(Excerpts from a dataset)
------
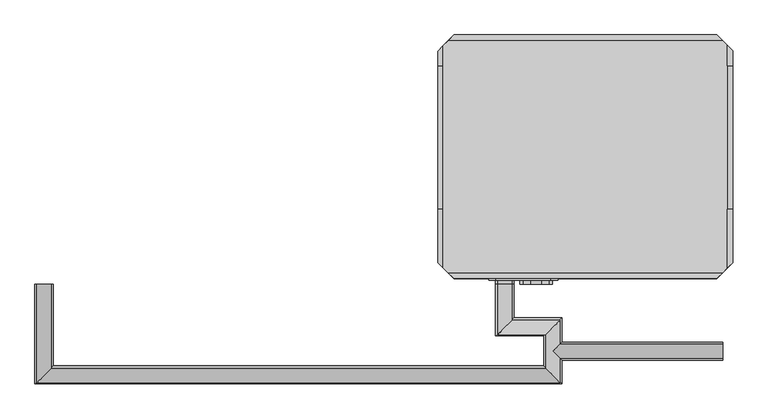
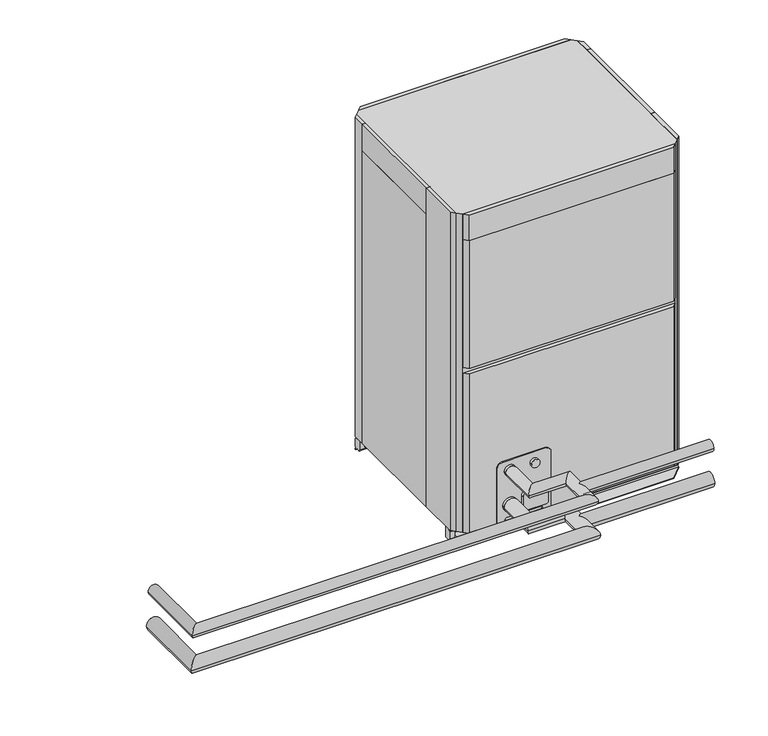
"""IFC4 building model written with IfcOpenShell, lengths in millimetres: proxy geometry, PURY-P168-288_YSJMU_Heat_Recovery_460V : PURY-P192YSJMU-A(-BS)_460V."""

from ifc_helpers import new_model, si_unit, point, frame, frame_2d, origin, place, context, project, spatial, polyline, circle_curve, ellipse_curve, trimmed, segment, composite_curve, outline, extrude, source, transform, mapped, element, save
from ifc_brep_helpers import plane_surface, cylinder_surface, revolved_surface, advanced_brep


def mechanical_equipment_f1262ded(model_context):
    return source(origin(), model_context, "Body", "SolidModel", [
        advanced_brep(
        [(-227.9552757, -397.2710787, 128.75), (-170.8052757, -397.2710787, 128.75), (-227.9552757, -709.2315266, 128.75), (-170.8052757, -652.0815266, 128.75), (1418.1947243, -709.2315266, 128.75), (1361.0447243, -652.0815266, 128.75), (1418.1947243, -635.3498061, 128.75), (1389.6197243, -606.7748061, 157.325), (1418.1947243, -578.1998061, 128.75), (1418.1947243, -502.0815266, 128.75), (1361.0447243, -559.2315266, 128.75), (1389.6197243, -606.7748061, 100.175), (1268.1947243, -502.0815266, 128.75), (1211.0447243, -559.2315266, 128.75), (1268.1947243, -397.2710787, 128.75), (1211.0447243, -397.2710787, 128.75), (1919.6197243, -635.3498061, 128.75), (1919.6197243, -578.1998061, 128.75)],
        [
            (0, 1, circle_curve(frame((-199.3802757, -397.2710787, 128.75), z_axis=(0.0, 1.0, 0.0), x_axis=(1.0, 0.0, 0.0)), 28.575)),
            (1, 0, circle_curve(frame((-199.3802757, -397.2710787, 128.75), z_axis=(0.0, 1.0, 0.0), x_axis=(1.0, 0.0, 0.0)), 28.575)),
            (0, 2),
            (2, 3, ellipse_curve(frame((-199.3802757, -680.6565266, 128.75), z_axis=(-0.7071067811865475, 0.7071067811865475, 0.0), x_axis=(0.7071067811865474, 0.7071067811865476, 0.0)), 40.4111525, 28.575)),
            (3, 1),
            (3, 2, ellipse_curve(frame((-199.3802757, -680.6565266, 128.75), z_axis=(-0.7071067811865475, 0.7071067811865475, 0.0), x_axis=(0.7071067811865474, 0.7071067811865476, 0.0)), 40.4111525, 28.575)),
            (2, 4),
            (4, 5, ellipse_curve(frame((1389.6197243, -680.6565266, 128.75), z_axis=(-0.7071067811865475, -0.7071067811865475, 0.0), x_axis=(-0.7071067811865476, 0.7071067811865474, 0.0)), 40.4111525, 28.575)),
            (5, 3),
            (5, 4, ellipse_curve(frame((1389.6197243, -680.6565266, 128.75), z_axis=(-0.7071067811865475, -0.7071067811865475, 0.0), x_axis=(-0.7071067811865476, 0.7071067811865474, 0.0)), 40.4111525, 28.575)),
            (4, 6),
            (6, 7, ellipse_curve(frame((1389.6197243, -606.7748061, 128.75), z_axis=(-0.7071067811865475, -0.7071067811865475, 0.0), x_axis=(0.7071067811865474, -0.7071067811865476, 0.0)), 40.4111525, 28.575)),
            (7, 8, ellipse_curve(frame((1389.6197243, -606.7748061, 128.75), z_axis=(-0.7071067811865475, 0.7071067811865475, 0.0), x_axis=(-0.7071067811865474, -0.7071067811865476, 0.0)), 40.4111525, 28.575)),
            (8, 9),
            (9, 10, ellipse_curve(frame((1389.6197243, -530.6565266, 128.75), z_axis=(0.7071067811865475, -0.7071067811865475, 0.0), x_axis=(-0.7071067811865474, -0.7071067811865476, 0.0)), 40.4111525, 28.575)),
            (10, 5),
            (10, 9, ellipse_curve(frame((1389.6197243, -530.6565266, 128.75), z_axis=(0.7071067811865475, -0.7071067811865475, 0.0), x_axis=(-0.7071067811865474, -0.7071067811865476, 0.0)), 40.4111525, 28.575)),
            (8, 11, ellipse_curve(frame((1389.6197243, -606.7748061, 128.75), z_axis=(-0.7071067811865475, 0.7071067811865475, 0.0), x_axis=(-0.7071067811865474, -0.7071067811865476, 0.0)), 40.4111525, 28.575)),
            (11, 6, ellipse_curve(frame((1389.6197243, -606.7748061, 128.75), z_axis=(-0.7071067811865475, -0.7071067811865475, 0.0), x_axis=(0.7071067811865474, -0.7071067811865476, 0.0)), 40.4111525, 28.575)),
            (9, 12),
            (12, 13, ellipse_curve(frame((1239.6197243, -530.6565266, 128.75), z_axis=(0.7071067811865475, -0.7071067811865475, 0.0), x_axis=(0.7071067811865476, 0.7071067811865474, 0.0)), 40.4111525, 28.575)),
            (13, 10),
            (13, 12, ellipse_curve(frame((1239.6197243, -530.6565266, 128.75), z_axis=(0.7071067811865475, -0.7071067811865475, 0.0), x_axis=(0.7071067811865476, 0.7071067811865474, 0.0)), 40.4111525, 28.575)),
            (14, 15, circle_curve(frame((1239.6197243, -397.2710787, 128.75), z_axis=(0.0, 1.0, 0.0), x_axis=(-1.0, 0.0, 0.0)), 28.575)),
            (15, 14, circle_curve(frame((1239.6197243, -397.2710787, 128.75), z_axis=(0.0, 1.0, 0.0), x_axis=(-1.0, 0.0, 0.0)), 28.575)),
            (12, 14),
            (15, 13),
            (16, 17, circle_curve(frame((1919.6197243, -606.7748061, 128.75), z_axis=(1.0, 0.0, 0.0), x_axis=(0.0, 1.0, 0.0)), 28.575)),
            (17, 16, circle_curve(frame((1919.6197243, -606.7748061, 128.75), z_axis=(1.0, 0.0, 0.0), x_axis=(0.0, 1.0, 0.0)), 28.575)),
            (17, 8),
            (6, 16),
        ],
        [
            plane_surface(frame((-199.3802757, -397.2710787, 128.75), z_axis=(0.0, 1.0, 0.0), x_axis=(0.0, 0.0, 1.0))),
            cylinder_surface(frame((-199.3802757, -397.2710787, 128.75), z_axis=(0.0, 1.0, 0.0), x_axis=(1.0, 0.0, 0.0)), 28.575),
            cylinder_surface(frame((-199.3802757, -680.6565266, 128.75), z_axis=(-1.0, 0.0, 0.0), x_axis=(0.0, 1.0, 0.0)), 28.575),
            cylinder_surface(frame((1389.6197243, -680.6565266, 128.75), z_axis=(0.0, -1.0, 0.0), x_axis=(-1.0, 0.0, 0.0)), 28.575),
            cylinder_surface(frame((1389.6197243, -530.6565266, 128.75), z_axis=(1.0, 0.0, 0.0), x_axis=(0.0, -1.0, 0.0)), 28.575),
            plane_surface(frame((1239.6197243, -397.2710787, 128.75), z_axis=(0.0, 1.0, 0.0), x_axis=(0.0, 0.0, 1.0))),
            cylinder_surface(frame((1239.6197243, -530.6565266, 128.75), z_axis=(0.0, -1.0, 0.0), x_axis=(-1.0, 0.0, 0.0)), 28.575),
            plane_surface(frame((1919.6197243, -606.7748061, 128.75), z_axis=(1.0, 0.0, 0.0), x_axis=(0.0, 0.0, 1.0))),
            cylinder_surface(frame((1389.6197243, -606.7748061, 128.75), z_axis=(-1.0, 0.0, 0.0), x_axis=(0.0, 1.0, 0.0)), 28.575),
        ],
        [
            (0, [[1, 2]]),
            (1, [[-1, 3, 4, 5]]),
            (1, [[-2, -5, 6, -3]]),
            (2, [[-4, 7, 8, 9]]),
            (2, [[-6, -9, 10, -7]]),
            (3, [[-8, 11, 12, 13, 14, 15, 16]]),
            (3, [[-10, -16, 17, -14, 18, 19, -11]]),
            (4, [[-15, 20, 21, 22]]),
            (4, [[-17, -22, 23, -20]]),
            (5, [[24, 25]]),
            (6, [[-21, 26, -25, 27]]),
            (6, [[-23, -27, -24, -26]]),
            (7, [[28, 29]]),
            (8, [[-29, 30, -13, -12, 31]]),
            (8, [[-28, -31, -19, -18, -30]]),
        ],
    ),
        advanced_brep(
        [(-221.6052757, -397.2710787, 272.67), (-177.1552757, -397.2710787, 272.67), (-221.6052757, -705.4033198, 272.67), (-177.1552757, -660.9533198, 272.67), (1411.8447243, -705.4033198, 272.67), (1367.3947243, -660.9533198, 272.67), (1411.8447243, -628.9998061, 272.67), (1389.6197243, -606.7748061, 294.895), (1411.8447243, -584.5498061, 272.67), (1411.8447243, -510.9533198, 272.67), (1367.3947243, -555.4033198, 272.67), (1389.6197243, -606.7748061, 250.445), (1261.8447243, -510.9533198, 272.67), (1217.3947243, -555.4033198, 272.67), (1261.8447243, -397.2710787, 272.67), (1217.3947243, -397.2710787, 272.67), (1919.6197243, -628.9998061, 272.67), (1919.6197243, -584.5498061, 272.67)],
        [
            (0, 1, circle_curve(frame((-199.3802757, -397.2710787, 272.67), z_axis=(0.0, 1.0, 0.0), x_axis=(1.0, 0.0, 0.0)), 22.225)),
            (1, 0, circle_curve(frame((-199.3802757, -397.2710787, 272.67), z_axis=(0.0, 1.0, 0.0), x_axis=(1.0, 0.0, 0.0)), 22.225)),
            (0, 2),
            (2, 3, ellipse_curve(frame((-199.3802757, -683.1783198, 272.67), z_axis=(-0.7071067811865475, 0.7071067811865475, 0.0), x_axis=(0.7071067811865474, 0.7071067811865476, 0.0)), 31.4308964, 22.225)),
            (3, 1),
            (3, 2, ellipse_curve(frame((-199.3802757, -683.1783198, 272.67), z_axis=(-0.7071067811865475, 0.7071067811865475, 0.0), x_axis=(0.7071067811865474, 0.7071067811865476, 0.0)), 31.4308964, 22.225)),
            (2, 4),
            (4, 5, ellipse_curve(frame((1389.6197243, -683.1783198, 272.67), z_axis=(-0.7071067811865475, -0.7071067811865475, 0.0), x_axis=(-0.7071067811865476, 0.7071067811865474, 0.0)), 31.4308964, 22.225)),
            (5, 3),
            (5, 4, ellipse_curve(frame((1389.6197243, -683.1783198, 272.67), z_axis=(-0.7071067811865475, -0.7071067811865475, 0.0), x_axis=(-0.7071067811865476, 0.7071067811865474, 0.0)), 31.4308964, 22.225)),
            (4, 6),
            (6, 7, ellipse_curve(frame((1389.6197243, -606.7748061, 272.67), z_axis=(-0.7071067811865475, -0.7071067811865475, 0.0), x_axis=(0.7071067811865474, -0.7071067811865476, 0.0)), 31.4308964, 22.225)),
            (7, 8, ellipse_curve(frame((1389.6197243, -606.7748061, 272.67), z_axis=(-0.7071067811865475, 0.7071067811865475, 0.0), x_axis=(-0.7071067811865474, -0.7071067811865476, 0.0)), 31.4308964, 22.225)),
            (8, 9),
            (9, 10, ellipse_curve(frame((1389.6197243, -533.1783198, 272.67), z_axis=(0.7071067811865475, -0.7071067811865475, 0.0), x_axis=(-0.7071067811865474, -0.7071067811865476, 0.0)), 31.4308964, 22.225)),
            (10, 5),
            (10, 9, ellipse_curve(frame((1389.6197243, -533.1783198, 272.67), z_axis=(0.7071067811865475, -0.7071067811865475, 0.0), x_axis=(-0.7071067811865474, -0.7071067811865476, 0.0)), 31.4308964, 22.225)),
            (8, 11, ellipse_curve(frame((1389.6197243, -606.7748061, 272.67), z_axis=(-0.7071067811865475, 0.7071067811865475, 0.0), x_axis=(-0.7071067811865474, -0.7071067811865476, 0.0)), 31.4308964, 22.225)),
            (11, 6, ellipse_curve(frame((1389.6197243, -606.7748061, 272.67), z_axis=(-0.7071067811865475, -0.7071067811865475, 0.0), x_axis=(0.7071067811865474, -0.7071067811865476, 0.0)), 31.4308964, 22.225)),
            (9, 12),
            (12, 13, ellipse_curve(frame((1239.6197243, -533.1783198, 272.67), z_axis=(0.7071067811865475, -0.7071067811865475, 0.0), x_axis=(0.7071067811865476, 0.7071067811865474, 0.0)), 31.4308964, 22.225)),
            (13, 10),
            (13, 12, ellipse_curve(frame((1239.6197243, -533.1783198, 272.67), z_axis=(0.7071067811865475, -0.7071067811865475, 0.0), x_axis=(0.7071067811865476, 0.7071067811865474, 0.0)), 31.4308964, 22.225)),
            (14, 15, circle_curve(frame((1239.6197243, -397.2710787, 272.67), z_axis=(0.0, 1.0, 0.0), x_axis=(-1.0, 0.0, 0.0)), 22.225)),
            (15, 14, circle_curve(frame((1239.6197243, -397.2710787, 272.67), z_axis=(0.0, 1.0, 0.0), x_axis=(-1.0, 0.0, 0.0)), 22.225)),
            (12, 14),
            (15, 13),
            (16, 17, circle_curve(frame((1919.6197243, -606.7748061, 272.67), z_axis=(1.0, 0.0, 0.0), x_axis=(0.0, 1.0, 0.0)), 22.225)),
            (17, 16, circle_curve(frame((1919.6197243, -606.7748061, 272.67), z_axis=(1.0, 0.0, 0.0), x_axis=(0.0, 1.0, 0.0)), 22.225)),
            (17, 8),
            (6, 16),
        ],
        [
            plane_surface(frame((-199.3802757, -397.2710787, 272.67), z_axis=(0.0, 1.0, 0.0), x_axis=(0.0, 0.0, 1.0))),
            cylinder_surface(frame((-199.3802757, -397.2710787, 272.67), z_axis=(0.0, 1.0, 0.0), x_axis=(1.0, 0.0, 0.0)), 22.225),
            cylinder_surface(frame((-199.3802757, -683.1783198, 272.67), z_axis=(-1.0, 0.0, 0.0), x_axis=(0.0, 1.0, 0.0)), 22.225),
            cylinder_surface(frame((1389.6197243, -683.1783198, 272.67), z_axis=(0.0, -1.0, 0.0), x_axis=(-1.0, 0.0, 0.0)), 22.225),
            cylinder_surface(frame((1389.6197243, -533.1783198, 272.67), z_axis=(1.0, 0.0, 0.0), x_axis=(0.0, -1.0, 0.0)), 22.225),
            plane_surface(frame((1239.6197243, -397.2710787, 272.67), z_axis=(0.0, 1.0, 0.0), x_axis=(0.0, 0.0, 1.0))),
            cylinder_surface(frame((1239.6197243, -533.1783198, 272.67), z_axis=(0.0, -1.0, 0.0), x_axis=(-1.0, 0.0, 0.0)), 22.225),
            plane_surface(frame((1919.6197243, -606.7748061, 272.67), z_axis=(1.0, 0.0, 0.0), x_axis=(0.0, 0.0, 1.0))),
------
(Instructions for the task)
The task calls for all lines in the entries that hold "source".

(Task result)
from ifc_helpers import new_model, si_unit, point, frame, frame_2d, origin, place, context, project, spatial, polyline, circle_curve, ellipse_curve, trimmed, segment, composite_curve, outline, extrude, source, transform, mapped, element, save
    return source(origin(), model_context, "Body", "SolidModel", [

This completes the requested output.